» **What this task involves**
No pictures go into the copy. Write out exactly the lines below from the one containing "#13066 = VECTOR( '', #14574, 1000. );" through the one containing "#10891=CARTESIAN_POINT('',(-157.156,-21.815,144.));".

» **Data to use**
# # # # #

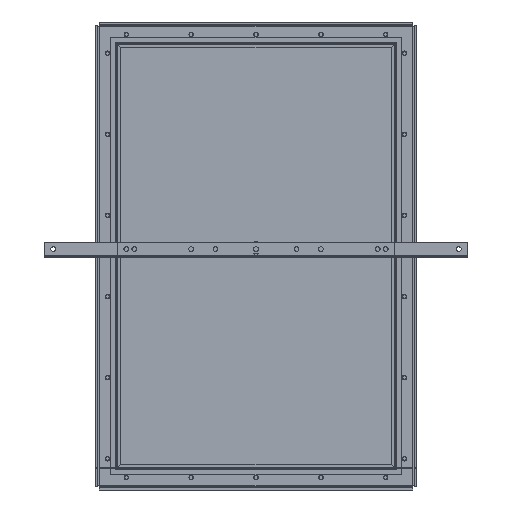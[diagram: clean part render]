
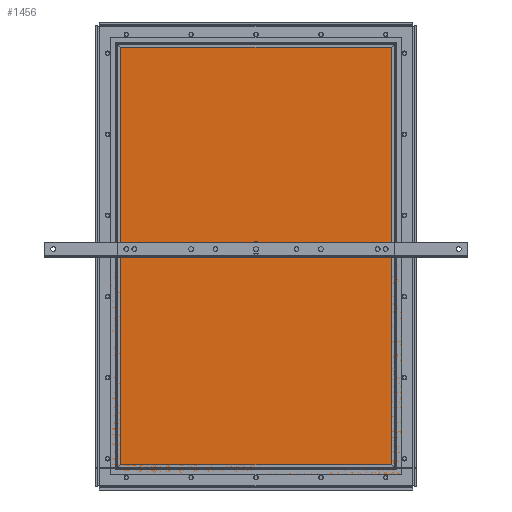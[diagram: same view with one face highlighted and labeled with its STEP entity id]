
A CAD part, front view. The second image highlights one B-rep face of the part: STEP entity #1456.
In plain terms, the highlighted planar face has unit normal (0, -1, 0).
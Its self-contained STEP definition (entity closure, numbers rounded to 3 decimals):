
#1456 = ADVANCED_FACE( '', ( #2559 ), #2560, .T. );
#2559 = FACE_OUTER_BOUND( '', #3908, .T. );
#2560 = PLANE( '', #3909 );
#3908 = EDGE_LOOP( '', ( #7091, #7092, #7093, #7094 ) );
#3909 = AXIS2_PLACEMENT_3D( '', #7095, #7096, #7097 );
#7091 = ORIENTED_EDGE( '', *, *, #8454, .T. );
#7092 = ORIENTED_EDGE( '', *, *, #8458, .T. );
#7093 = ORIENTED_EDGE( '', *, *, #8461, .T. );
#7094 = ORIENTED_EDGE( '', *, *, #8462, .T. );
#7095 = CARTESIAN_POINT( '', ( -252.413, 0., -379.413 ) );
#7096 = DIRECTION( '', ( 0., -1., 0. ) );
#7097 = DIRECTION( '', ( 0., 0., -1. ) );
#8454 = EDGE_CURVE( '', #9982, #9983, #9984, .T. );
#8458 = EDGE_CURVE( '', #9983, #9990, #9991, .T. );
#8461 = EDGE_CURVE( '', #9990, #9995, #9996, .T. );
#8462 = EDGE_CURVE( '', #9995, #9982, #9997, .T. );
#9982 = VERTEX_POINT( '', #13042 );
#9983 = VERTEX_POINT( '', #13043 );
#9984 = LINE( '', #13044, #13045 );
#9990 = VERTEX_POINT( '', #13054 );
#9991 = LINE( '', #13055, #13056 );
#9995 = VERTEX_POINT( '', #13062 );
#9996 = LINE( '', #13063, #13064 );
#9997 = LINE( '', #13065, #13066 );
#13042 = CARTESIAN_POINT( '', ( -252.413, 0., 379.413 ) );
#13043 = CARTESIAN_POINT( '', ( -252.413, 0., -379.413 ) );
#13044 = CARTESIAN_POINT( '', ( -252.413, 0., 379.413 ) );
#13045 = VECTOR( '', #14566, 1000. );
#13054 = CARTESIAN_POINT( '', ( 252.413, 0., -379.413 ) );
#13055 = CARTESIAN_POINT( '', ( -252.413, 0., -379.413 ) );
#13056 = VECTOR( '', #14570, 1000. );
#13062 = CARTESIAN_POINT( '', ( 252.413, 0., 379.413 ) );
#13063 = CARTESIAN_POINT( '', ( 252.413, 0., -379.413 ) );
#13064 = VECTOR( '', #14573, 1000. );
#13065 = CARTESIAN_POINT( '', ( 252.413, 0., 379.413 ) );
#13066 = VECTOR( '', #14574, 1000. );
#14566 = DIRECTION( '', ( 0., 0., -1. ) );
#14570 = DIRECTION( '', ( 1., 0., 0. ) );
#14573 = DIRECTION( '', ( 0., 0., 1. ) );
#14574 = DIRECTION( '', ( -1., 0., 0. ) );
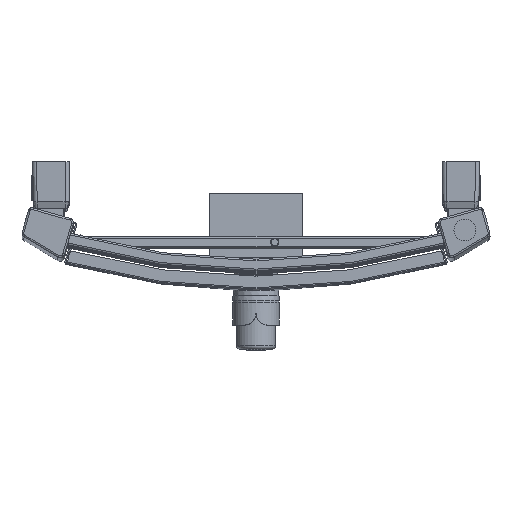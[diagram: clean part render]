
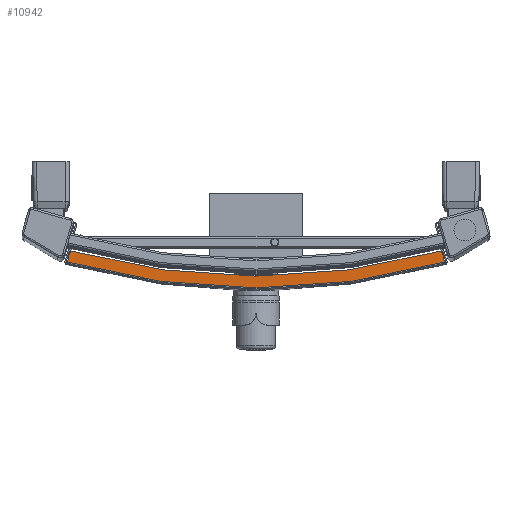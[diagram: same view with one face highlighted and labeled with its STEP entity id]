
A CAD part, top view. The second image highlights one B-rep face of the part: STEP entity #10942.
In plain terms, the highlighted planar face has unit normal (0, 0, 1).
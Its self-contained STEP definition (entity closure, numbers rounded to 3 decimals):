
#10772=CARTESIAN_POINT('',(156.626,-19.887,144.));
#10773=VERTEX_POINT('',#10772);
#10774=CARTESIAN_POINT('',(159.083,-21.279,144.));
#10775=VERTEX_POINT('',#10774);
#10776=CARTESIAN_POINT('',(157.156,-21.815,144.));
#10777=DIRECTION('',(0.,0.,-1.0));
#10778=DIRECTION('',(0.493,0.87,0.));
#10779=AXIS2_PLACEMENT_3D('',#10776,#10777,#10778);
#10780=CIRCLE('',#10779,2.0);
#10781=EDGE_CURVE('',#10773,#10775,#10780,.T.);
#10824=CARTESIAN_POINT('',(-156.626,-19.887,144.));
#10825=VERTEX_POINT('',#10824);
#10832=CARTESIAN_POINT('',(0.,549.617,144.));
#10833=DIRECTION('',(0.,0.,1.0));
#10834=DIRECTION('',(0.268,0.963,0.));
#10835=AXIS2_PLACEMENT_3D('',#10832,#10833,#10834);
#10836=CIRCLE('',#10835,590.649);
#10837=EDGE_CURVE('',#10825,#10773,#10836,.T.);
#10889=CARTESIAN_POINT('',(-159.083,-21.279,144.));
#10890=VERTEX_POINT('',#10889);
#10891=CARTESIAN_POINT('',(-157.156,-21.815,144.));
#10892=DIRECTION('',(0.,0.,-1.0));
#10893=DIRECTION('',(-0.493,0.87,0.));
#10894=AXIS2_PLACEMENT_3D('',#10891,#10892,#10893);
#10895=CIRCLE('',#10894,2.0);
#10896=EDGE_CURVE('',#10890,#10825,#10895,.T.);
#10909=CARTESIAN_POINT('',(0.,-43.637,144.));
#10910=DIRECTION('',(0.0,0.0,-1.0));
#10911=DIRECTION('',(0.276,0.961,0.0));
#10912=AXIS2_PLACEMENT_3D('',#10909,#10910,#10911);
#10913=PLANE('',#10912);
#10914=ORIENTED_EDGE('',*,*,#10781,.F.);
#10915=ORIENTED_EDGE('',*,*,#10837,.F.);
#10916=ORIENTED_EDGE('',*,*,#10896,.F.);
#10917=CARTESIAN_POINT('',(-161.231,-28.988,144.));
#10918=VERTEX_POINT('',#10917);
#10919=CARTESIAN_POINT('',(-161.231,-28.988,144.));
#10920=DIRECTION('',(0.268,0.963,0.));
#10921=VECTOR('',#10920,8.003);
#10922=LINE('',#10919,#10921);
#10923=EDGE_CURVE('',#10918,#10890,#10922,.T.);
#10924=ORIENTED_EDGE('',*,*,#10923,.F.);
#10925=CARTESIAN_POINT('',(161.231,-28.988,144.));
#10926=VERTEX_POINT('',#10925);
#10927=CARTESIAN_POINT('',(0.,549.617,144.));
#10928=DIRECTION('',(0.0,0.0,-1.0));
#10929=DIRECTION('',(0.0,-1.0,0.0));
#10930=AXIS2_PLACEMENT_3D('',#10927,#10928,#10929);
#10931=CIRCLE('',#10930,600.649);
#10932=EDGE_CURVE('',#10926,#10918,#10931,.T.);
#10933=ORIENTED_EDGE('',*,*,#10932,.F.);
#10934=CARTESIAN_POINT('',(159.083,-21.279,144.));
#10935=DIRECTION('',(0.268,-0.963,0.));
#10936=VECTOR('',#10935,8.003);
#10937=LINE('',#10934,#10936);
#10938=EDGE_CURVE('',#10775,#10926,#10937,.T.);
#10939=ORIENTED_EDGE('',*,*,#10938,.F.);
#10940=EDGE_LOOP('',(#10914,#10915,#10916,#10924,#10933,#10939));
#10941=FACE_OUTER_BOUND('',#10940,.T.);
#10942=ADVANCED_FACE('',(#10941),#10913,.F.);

# # # # #

» **Task solution**
#13066 = VECTOR( '', #14574, 1000. );
#14566 = DIRECTION( '', ( 0., 0., -1. ) );
#14570 = DIRECTION( '', ( 1., 0., 0. ) );
#14573 = DIRECTION( '', ( 0., 0., 1. ) );
#14574 = DIRECTION( '', ( -1., 0., 0. ) );
[diagram: clean part render]
[diagram: same view with one face highlighted and labeled with its STEP entity id]
A CAD part, top view. The second image highlights one B-rep face of the part: STEP entity #10942.
In plain terms, the highlighted planar face has unit normal (0, 0, 1).
Its self-contained STEP definition (entity closure, numbers rounded to 3 decimals):
#10772=CARTESIAN_POINT('',(156.626,-19.887,144.));
#10773=VERTEX_POINT('',#10772);
#10774=CARTESIAN_POINT('',(159.083,-21.279,144.));
#10775=VERTEX_POINT('',#10774);
#10776=CARTESIAN_POINT('',(157.156,-21.815,144.));
#10777=DIRECTION('',(0.,0.,-1.0));
#10778=DIRECTION('',(0.493,0.87,0.));
#10779=AXIS2_PLACEMENT_3D('',#10776,#10777,#10778);
#10780=CIRCLE('',#10779,2.0);
#10781=EDGE_CURVE('',#10773,#10775,#10780,.T.);
#10824=CARTESIAN_POINT('',(-156.626,-19.887,144.));
#10825=VERTEX_POINT('',#10824);
#10832=CARTESIAN_POINT('',(0.,549.617,144.));
#10833=DIRECTION('',(0.,0.,1.0));
#10834=DIRECTION('',(0.268,0.963,0.));
#10835=AXIS2_PLACEMENT_3D('',#10832,#10833,#10834);
#10836=CIRCLE('',#10835,590.649);
#10837=EDGE_CURVE('',#10825,#10773,#10836,.T.);
#10889=CARTESIAN_POINT('',(-159.083,-21.279,144.));
#10890=VERTEX_POINT('',#10889);
#10891=CARTESIAN_POINT('',(-157.156,-21.815,144.));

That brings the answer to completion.